As example, note that the BNF is Appendix D does not in any way correspond to the example given 5 lines under it, which uses keywords such as mut and assignment operators such as +=, . and assert statements; none of which appear in the BNF. Similarly, no semantics of the language are provided, so it is impossible to verify any proof about its properties. The BNF also does not cover the syntax for type annotations, which is crucial given the paper's focus on typing tasks.

(2) The paper is overclaiming: no attempt is made at showing the suitability of Transformers as "compiler", as two core phases (code generation and optimization) are not even discussed. Text and helpers such as Fig. 2 seem to be written as if compilers only analyze code, but do nothing else. The term "efficient" is used repeatedly without a definition, and it remains unclear what is viewed as efficient (is it meant as running in polynomial time, or in the less formal, but better understood way of being acceptably fast?)

(3) The paper is not well-written, often referring to concepts, identifiers or ideas not introduced.
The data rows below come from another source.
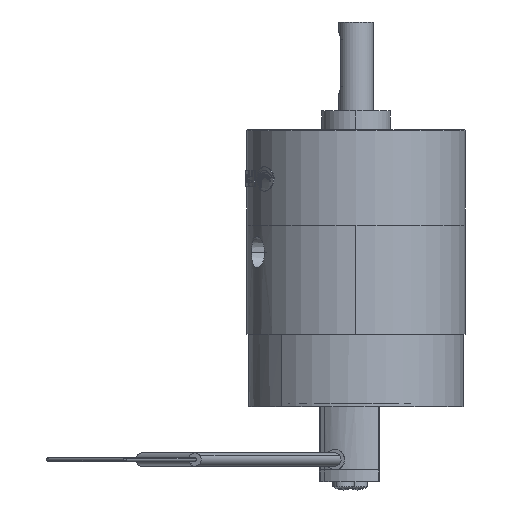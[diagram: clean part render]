
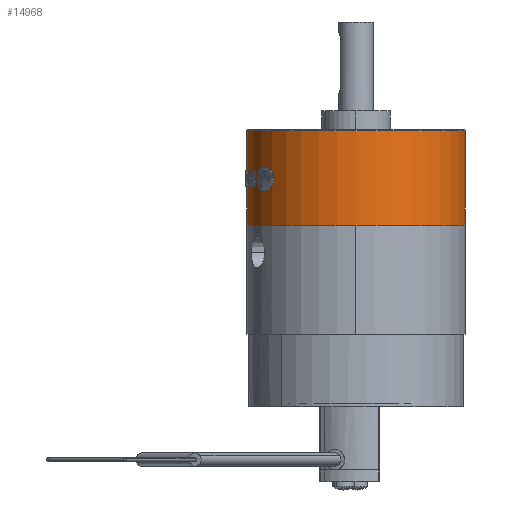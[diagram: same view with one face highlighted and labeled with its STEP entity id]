
A CAD part, left-side view. The second image highlights one B-rep face of the part: STEP entity #14968.
In plain terms, the highlighted cylindrical face has radius 32 mm (diameter 64 mm), a partial arc.
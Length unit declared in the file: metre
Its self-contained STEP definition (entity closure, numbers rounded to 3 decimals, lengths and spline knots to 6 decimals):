
#641 = AXIS2_PLACEMENT_3D ( 'NONE', #14360, #18692, #1943 ) ;
#737 = ORIENTED_EDGE ( 'NONE', *, *, #7960, .T. ) ;
#1194 = ORIENTED_EDGE ( 'NONE', *, *, #16166, .T. ) ;
#1354 = ORIENTED_EDGE ( 'NONE', *, *, #4740, .T. ) ;
#1943 = DIRECTION ( 'NONE',  ( 0., -1., 0. ) ) ;
#2461 = CARTESIAN_POINT ( 'NONE',  ( 0., 0.032, -0.0003 ) ) ;
#2712 = EDGE_CURVE ( 'NONE', #3213, #19456, #15177, .T. ) ;
#3177 = VERTEX_POINT ( 'NONE', #12465 ) ;
#3213 = VERTEX_POINT ( 'NONE', #15397 ) ;
#4740 = EDGE_CURVE ( 'NONE', #3177, #16006, #7688, .T. ) ;
#5065 = EDGE_LOOP ( 'NONE', ( #10957, #1354, #737, #16842, #1194 ) ) ;
#5886 = DIRECTION ( 'NONE',  ( 0., 0., -1. ) ) ;
#6675 = LINE ( 'NONE', #12292, #10347 ) ;
#7276 = AXIS2_PLACEMENT_3D ( 'NONE', #16809, #16845, #16869 ) ;
#7354 = VERTEX_POINT ( 'NONE', #2461 ) ;
#7614 = LINE ( 'NONE', #7795, #19127 ) ;
#7688 = CIRCLE ( 'NONE', #7276, 0.032 ) ;
#7795 = CARTESIAN_POINT ( 'NONE',  ( 0., 0.032, -0.028 ) ) ;
#7875 = DIRECTION ( 'NONE',  ( 0., 0., 1. ) ) ;
#7960 = EDGE_CURVE ( 'NONE', #16006, #3213, #6675, .T. ) ;
#9323 = CARTESIAN_POINT ( 'NONE',  ( -0.032, 0., -0.0003 ) ) ;
#9627 = CIRCLE ( 'NONE', #14015, 0.032 ) ;
#10347 = VECTOR ( 'NONE', #12236, 1. ) ;
#10957 = ORIENTED_EDGE ( 'NONE', *, *, #11095, .F. ) ;
#11095 = EDGE_CURVE ( 'NONE', #3177, #7354, #7614, .T. ) ;
#12236 = DIRECTION ( 'NONE',  ( 0., 0., 1. ) ) ;
#12292 = CARTESIAN_POINT ( 'NONE',  ( 0., -0.032, -0.028 ) ) ;
#12465 = CARTESIAN_POINT ( 'NONE',  ( 0., 0.032, -0.028 ) ) ;
#13154 = AXIS2_PLACEMENT_3D ( 'NONE', #14154, #14135, #14211 ) ;
#13465 = CARTESIAN_POINT ( 'NONE',  ( 0., -0.032, -0.028 ) ) ;
#14015 = AXIS2_PLACEMENT_3D ( 'NONE', #15182, #5886, #16630 ) ;
#14135 = DIRECTION ( 'NONE',  ( 0., 0., -1. ) ) ;
#14154 = CARTESIAN_POINT ( 'NONE',  ( 0., 0., -0.0003 ) ) ;
#14211 = DIRECTION ( 'NONE',  ( -1., 0., 0. ) ) ;
#14270 = CYLINDRICAL_SURFACE ( 'NONE', #641, 0.032 ) ;
#14360 = CARTESIAN_POINT ( 'NONE',  ( 0., 0., -0.028 ) ) ;
#14723 = FACE_OUTER_BOUND ( 'NONE', #5065, .T. ) ;
#14968 = ADVANCED_FACE ( 'NONE', ( #14723 ), #14270, .T. ) ;
#15177 = CIRCLE ( 'NONE', #13154, 0.032 ) ;
#15182 = CARTESIAN_POINT ( 'NONE',  ( 0., 0., -0.0003 ) ) ;
#15397 = CARTESIAN_POINT ( 'NONE',  ( 0., -0.032, -0.0003 ) ) ;
#16006 = VERTEX_POINT ( 'NONE', #13465 ) ;
#16166 = EDGE_CURVE ( 'NONE', #19456, #7354, #9627, .T. ) ;
#16630 = DIRECTION ( 'NONE',  ( -1., 0., 0. ) ) ;
#16809 = CARTESIAN_POINT ( 'NONE',  ( 0., 0., -0.028 ) ) ;
#16842 = ORIENTED_EDGE ( 'NONE', *, *, #2712, .T. ) ;
#16845 = DIRECTION ( 'NONE',  ( 0., 0., 1. ) ) ;
#16869 = DIRECTION ( 'NONE',  ( 0., -1., 0. ) ) ;
#18692 = DIRECTION ( 'NONE',  ( 0., 0., 1. ) ) ;
#19127 = VECTOR ( 'NONE', #7875, 1. ) ;
#19456 = VERTEX_POINT ( 'NONE', #9323 ) ;

Examples:

• "the computation process is easily represented in Cybertron" (line 358), when Cybertron is only introduced in the following section
• $L$ in line 318 (its meant to be the sequence length I assume, but the last use of $L$ was in l196 and refers to the number of layers)
• "As types are mathematically interpreted in this paper a discrete subset of a vector space" is the only mention of a representation of types in the main text.

(4) The citing of related work is often incorrect. For example, Sect 3 starts with "The major innovation in the transformer architecture is self-attention", which is surprising given that the Transformers paper ("Attention is all you need") has a related work discussing prior uses of self-attention. On the other hand, the contrast to the most related work to the submitted paper (RASP, Weiss et al. 2021) is not discussed beyond a "Cybertron has a powerful algebraic type system that helps to prove complicated operations beyond simple algorithms" (though that type system is not actually introduced in the paper).

Let me be clear that none of the criticism above is about the actual research, but only about the presentation - I don't feel it's possible to fully grasp the proposed ideas given the paper. To some degree, this is a consequence of the ICLR page limit, and so I would make the following two suggestions to the authors:

(i) Submit to a venue with a longer page limit (e.g., TLMR, or POPL/PLDI/OOPSLA as conferences on the PL side that were open to such contributions in the past - in particular POPL seems appropriate). This will allow for a longer exposition and inclusion of more of the crucial details in the main text.

(ii) Think about the core ideas that make things work, and try to focus the exposition on that. For example, RASP already showed how to express primitive programming constructs as parts of a Transformer, so what is new here? What changes are required to make the proofs work? Think back on early steps of the work: what challenges did you need to overcome? These are the things most interesting for other researchers.